I want to show you my most recent work, "The Valley".

Tank: 40*25*20 ~ 20L
Light: 1x24 PL 10000K
Heating: no heating
Filter: A smaller boyu waterfall
CO2: Pressurized

ADA Bacter 100
ADA Tourmaline BC
ADA Clear Super
Plocher
ELOS Terra Zero
ADA Aquasoil Malaya

4KG Pagoda Stone

Hemianthus Calitrichoides "cuba"
Eleocharis acicularis

xx ?? Crystal red? Cambarellus?

*This was my insipration*










*The Valley*




























Best Regards

Ricardo Rosa


----------



## fishlover (Jan 2, 2007)

Nice but plants need to fill in before this tank can truly be appreciated.
LOVE the picture of your inspiration, wher was it taken?


----------



## NAL (Feb 27, 2007)

I love the idea, all it needs is time.


----------



## didiplants (Jan 20, 2008)

I think that will look so awesome when that grows in.
Will be watching for new pics.
Great job.
Di


----------



## thief (Feb 20, 2008)

Wow that looks amazingly identical. Very pleasing look too as the front rocks have a slope t it give it a settled look.


----------



## gibbus (Sep 16, 2006)

those rocks are awesome. very good copy of the original.


----------



## Jervis (Feb 22, 2008)

Not too sure about the background hairgrass actually... might destroy the concept in the end. How about raise the soil towards the back (especially the 2 back corners) and plant HC there? And hopefully the HC at the back will creep near the top of the rocks... nearer to your inspiration. I think it will further dramatize your valley too.


----------



## goalcreas (Nov 20, 2006)

Nice inspiration photo.
It is good to see what you are trying to do and I think you were able to re-create it very well.
Now to see how it fills in.
I will be watching for updates.


----------



## ricardobrosa (Feb 17, 2008)

Jervis said:


> Not too sure about the background hairgrass actually... might destroy the concept in the end. How about raise the soil towards the back (especially the 2 back corners) and plant HC there? And hopefully the HC at the back will creep near the top of the rocks... nearer to your inspiration. I think it will further dramatize your valley too.

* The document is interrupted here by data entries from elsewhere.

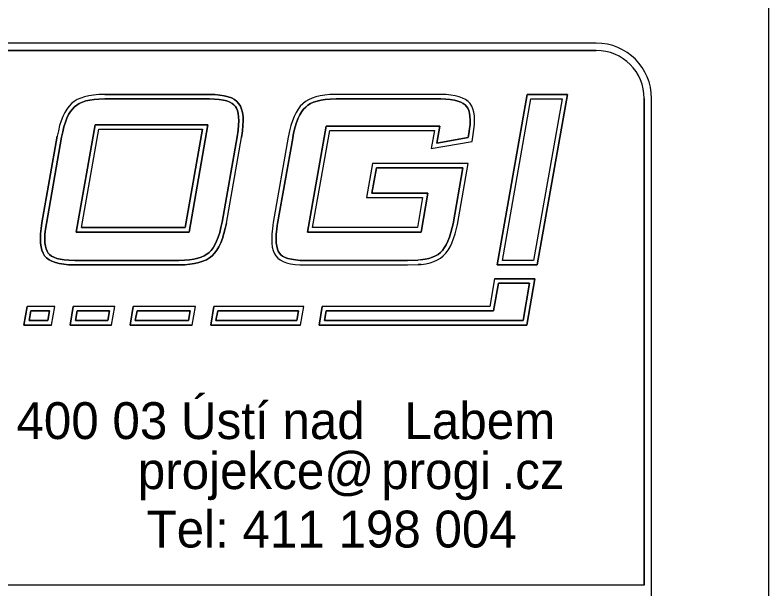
# Model space of a CAD drawing. Extents: x 249 to 564, y 49 to 194.
# Drawn here: x 544.18 to 563.59, y 70.96 to 85.75 of the extents above; entities that cross this region are included whole.
import ezdxf

# ---------------------------------------------------------------- set-up
doc = ezdxf.new("R2010")
doc.units = 0
doc.layers.add('000_rozpiska', color=7, linetype='Continuous')

msp = doc.modelspace()

# ---------------------------------------------------------------- linework, layer by layer
at = {"layer": '000_rozpiska'}
for p, q in [((563.594, 49.166), (563.594, 193.666)), ((559.147, 85.024), (472.697, 85.024)), ((559.147, 85.024), (472.697, 85.024)), ((559.147, 84.834), (532.072, 84.834)), ((552.155, 83.684), (552.037, 83.666)), ((552.288, 83.696), (552.155, 83.684)), ((552.447, 83.699), (552.288, 83.696)), ((555.144, 83.699), (552.447, 83.699)), ((555.278, 83.696), (555.144, 83.699)), ((555.402, 83.685), (555.278, 83.696)), ((555.515, 83.667), (555.402, 83.685)), ((556.592, 79.309), (557.366, 83.699)), ((557.366, 83.699), (558.402, 83.699)), ((558.402, 83.699), (557.629, 79.309)), ((545.832, 83.467), (545.911, 83.503)), ((545.911, 83.503), (546.001, 83.533)), ((546.001, 83.533), (546.102, 83.556)), ((546.102, 83.556), (546.214, 83.574)), ((546.214, 83.574), (546.338, 83.584)), ((546.338, 83.584), (546.493, 83.588)), ((546.493, 83.588), (549.183, 83.588)), ((549.183, 83.588), (549.316, 83.584)), ((549.316, 83.584), (549.436, 83.574)), ((549.436, 83.574), (549.543, 83.557)), ((549.543, 83.557), (549.633, 83.533)), ((549.633, 83.533), (549.706, 83.506)), ((549.706, 83.506), (549.77, 83.472)), ((551.656, 83.518), (551.587, 83.463)), ((551.735, 83.566), (551.656, 83.518)), ((551.826, 83.607), (551.735, 83.566)), ((551.867, 83.501), (551.788, 83.464)), ((551.926, 83.64), (551.826, 83.607)), ((551.957, 83.53), (551.867, 83.501)), ((552.037, 83.666), (551.926, 83.64)), ((552.059, 83.554), (551.957, 83.53)), ((552.169, 83.571), (552.059, 83.554)), ((552.294, 83.582), (552.169, 83.571)), ((552.449, 83.585), (552.294, 83.582)), ((555.142, 83.585), (552.449, 83.585)), ((555.272, 83.582), (555.142, 83.585)), ((555.388, 83.572), (555.272, 83.582)), ((555.492, 83.555), (555.388, 83.572)), ((555.586, 83.532), (555.492, 83.555)), ((555.62, 83.641), (555.515, 83.667)), ((555.66, 83.504), (555.586, 83.532)), ((555.706, 83.608), (555.62, 83.641)), ((555.722, 83.472), (555.66, 83.504)), ((555.782, 83.568), (555.706, 83.608)), ((555.847, 83.521), (555.782, 83.568)), ((555.899, 83.465), (555.847, 83.521)), ((556.728, 79.423), (557.461, 83.585)), ((557.461, 83.585), (558.267, 83.585)), ((558.267, 83.585), (557.533, 79.423)), ((560.382, 71.058), (560.382, 83.599)), ((560.572, 53.613), (560.572, 83.599)), ((560.572, 53.613), (560.572, 83.599)), ((545.605, 83.26), (545.655, 83.326)), ((545.655, 83.326), (545.707, 83.381)), ((545.707, 83.381), (545.766, 83.427)), ((545.766, 83.427), (545.832, 83.467)), ((549.77, 83.472), (549.815, 83.436)), ((549.815, 83.436), (549.853, 83.395)), ((549.853, 83.395), (549.882, 83.347)), ((549.882, 83.347), (549.905, 83.288)), ((551.468, 83.322), (551.415, 83.234)), ((551.524, 83.397), (551.468, 83.322)), ((551.587, 83.463), (551.524, 83.397)), ((551.611, 83.323), (551.562, 83.258)), ((551.664, 83.378), (551.611, 83.323)), ((551.721, 83.424), (551.664, 83.378)), ((551.788, 83.464), (551.721, 83.424)), ((555.77, 83.436), (555.722, 83.472)), ((555.808, 83.395), (555.77, 83.436)), ((555.837, 83.35), (555.808, 83.395)), ((555.862, 83.291), (555.837, 83.35)), ((555.881, 83.223), (555.862, 83.291)), ((555.938, 83.403), (555.899, 83.465)), ((555.97, 83.328), (555.938, 83.403)), ((555.993, 83.246), (555.97, 83.328)), ((545.514, 83.09), (545.558, 83.181)), ((545.558, 83.181), (545.605, 83.26)), ((549.905, 83.288), (549.924, 83.212)), ((549.924, 83.212), (549.935, 83.126)), ((549.935, 83.126), (549.939, 83.023)), ((551.366, 83.133), (551.322, 83.02)), ((551.415, 83.234), (551.366, 83.133)), ((551.515, 83.18), (551.47, 83.087)), ((551.562, 83.258), (551.515, 83.18)), ((555.893, 83.139), (555.881, 83.223)), ((555.899, 83.039), (555.893, 83.139)), ((556.007, 83.15), (555.993, 83.246)), ((556.013, 83.041), (556.007, 83.15)), ((545.437, 82.869), (545.474, 82.986)), ((545.474, 82.986), (545.514, 83.09)), ((545.751, 80.156), (546.238, 82.921)), ((546.238, 82.921), (549.146, 82.921)), ((548.659, 80.156), (549.146, 82.921)), ((549.935, 82.911), (549.922, 82.78)), ((549.939, 83.023), (549.935, 82.911)), ((551.285, 82.901), (551.249, 82.76)), ((551.322, 83.02), (551.285, 82.901)), ((551.43, 82.983), (551.395, 82.87)), ((551.47, 83.087), (551.43, 82.983)), ((555.884, 82.812), (555.896, 82.931)), ((555.896, 82.931), (555.899, 83.039)), ((555.998, 82.798), (556.01, 82.924)), ((556.01, 82.924), (556.013, 83.041)), ((545.376, 82.601), (545.405, 82.741)), ((545.405, 82.741), (545.437, 82.869)), ((545.887, 80.27), (546.334, 82.807)), ((546.334, 82.807), (549.01, 82.807)), ((548.563, 80.27), (549.01, 82.807)), ((549.922, 82.78), (549.897, 82.611)), ((551.249, 82.76), (551.232, 82.678)), ((551.36, 82.735), (551.344, 82.655)), ((551.395, 82.87), (551.36, 82.735)), ((551.707, 80.156), (552.188, 82.884)), ((551.843, 80.27), (552.283, 82.77)), ((552.188, 82.884), (555.116, 82.884)), ((552.283, 82.77), (554.98, 82.77)), ((554.98, 82.77), (554.898, 82.306)), ((555.116, 82.884), (555.039, 82.447)), ((555.866, 82.689), (555.884, 82.812)), ((555.979, 82.671), (555.998, 82.798)), ((544.872, 80.397), (545.265, 82.624)), ((544.985, 80.379), (545.376, 82.601)), ((549.897, 82.611), (549.509, 80.408)), ((549.621, 80.389), (550.009, 82.594)), ((551.216, 82.6), (550.828, 80.399)), ((551.328, 82.578), (550.941, 80.381)), ((551.232, 82.678), (551.216, 82.6)), ((551.344, 82.655), (551.328, 82.578)), ((555.039, 82.447), (555.849, 82.591)), ((555.849, 82.591), (555.866, 82.689)), ((555.947, 82.493), (555.979, 82.671)), ((554.898, 82.306), (555.947, 82.493)), ((553.388, 81.925), (553.233, 81.043)), ((553.484, 81.811), (553.369, 81.157)), ((555.847, 81.925), (553.388, 81.925)), ((555.712, 81.811), (553.484, 81.811)), ((555.458, 80.37), (555.712, 81.811)), ((555.569, 80.347), (555.847, 81.925)), ((553.369, 81.157), (554.812, 81.157)), ((554.812, 81.157), (554.635, 80.156)), ((553.233, 81.043), (554.676, 81.043)), ((554.676, 81.043), (554.54, 80.27)), ((544.962, 80.233), (544.985, 80.379)), ((549.509, 80.413), (549.479, 80.271)), ((550.828, 80.399), (550.82, 80.338)), ((550.941, 80.381), (550.933, 80.322)), ((544.949, 80.101), (544.962, 80.233)), ((545.887, 80.27), (548.563, 80.27)), ((549.479, 80.271), (549.449, 80.149)), ((550.806, 80.243), (550.792, 80.108)), ((550.82, 80.338), (550.806, 80.243)), ((550.92, 80.229), (550.906, 80.1)), ((550.933, 80.322), (550.92, 80.229)), ((554.54, 80.27), (551.843, 80.27)), ((555.402, 80.141), (555.435, 80.273)), ((555.435, 80.273), (555.458, 80.37)), ((555.512, 80.11), (555.546, 80.246)), ((555.546, 80.246), (555.569, 80.347)), ((544.944, 79.986), (544.949, 80.101)), ((545.751, 80.156), (548.659, 80.156)), ((549.41, 80.026), (549.37, 79.921)), ((549.449, 80.149), (549.41, 80.026)), ((550.792, 80.108), (550.788, 79.986)), ((550.906, 80.1), (550.902, 79.986)), ((554.635, 80.156), (551.707, 80.156)), ((555.325, 79.918), (555.366, 80.024)), ((555.366, 80.024), (555.402, 80.141)), ((555.473, 79.987), (555.512, 80.11)), ((544.948, 79.883), (544.944, 79.986)), ((544.96, 79.795), (544.948, 79.883)), ((544.978, 79.721), (544.96, 79.795)), ((549.325, 79.829), (549.279, 79.751)), ((549.37, 79.921), (549.325, 79.829)), ((550.788, 79.986), (550.791, 79.872)), ((550.791, 79.872), (550.804, 79.771)), ((550.902, 79.986), (550.905, 79.881)), ((550.905, 79.881), (550.916, 79.792)), ((555.234, 79.749), (555.28, 79.826)), ((555.28, 79.826), (555.325, 79.918)), ((555.381, 79.772), (555.43, 79.873)), ((555.43, 79.873), (555.473, 79.987)), ((545.002, 79.661), (544.978, 79.721)), ((545.031, 79.614), (545.002, 79.661)), ((545.066, 79.575), (545.031, 79.614)), ((549.176, 79.63), (549.119, 79.585)), ((549.229, 79.685), (549.176, 79.63)), ((549.279, 79.751), (549.229, 79.685)), ((550.804, 79.771), (550.826, 79.682)), ((550.826, 79.682), (550.855, 79.609)), ((550.855, 79.609), (550.895, 79.544)), ((550.916, 79.792), (550.935, 79.717)), ((550.935, 79.717), (550.958, 79.66)), ((550.958, 79.66), (550.987, 79.612)), ((550.987, 79.612), (551.023, 79.572)), ((555.074, 79.582), (555.132, 79.628)), ((555.132, 79.628), (555.185, 79.684)), ((555.185, 79.684), (555.234, 79.749)), ((555.208, 79.543), (555.273, 79.61)), ((555.273, 79.61), (555.329, 79.686)), ((555.329, 79.686), (555.381, 79.772)), ((545.114, 79.539), (545.066, 79.575)), ((545.174, 79.507), (545.114, 79.539)), ((545.25, 79.479), (545.174, 79.507)), ((545.341, 79.456), (545.25, 79.479)), ((545.446, 79.439), (545.341, 79.456)), ((545.564, 79.429), (545.446, 79.439)), ((545.721, 79.425), (545.564, 79.429)), ((548.393, 79.425), (545.721, 79.425)), ((548.546, 79.429), (548.393, 79.425)), ((548.669, 79.439), (548.546, 79.429)), ((548.782, 79.457), (548.669, 79.439)), ((548.883, 79.481), (548.782, 79.457)), ((548.973, 79.51), (548.883, 79.481)), ((549.053, 79.546), (548.973, 79.51)), ((549.119, 79.585), (549.053, 79.546)), ((550.895, 79.544), (550.946, 79.487)), ((550.946, 79.487), (551.009, 79.441)), ((551.009, 79.441), (551.086, 79.4)), ((551.023, 79.572), (551.07, 79.538)), ((551.07, 79.538), (551.133, 79.504)), ((551.133, 79.504), (551.207, 79.476)), ((551.207, 79.476), (551.297, 79.454)), ((551.297, 79.454), (551.403, 79.437)), ((551.403, 79.437), (551.522, 79.427)), ((551.522, 79.427), (551.675, 79.423)), ((551.675, 79.423), (554.283, 79.423)), ((554.283, 79.423), (554.557, 79.432)), ((554.624, 79.437), (554.557, 79.432)), ((554.624, 79.437), (554.737, 79.454)), ((554.737, 79.454), (554.836, 79.477)), ((554.836, 79.477), (554.926, 79.507)), ((554.926, 79.507), (555.004, 79.541)), ((554.967, 79.401), (555.056, 79.439)), ((555.004, 79.541), (555.074, 79.582)), ((555.056, 79.439), (555.138, 79.488)), ((555.138, 79.488), (555.208, 79.543)), ((557.533, 79.423), (556.728, 79.423)), ((551.086, 79.4), (551.173, 79.367)), ((551.173, 79.367), (551.275, 79.342)), ((551.275, 79.342), (551.389, 79.324)), ((551.389, 79.324), (551.516, 79.313)), ((551.516, 79.313), (551.674, 79.309)), ((551.674, 79.309), (554.284, 79.309)), ((554.284, 79.309), (554.564, 79.318)), ((554.637, 79.324), (554.564, 79.318)), ((554.637, 79.324), (554.758, 79.342)), ((554.758, 79.342), (554.867, 79.367)), ((554.867, 79.367), (554.967, 79.401)), ((557.629, 79.309), (556.592, 79.309)), ((556.529, 78.953), (556.403, 78.237)), ((556.625, 78.839), (556.499, 78.123)), ((556.529, 78.953), (557.566, 78.953)), ((556.625, 78.839), (557.43, 78.839)), ((557.43, 78.839), (557.261, 77.876)), ((557.566, 78.953), (557.356, 77.762)), ((544.408, 77.762), (544.492, 78.237)), ((545.204, 78.237), (544.492, 78.237)), ((544.544, 77.876), (544.587, 78.123)), ((545.068, 78.123), (544.587, 78.123)), ((545.025, 77.876), (545.068, 78.123)), ((545.121, 77.762), (545.204, 78.237)), ((545.596, 77.762), (545.679, 78.237)), ((546.748, 78.237), (545.679, 78.237)), ((545.731, 77.876), (545.775, 78.123)), ((546.612, 78.123), (545.775, 78.123)), ((546.569, 77.876), (546.612, 78.123)), ((546.664, 77.762), (546.748, 78.237)), ((547.139, 77.762), (547.223, 78.237)), ((548.826, 78.237), (547.223, 78.237)), ((547.275, 77.876), (547.319, 78.123)), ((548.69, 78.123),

Hi Jervis, thank you for your comment. I'm not so sure too.. the tank was planted yesterday.. that's why the HC is not spreeding along the soil.. But when i planted the eleocharis i thought it would steal depth. But i will give her a chance  to see how she grows, but probably she will have to come off.

This Tank has a great potencial, i hope the HC grow fast and pretty 

Regards

Ricardo Rosa


----------



## ricardobrosa (Feb 17, 2008)

fishlover said:


> Nice but plants need to fill in before this tank can truly be appreciated.
> LOVE the picture of your inspiration, wher was it taken?


Hi fishlover,

Its true will have to wait.. and HC grows slowly.. thats the funnest part.. 
The inspirations photo i google it.. and then a bunch of photos came out and this one called my attention.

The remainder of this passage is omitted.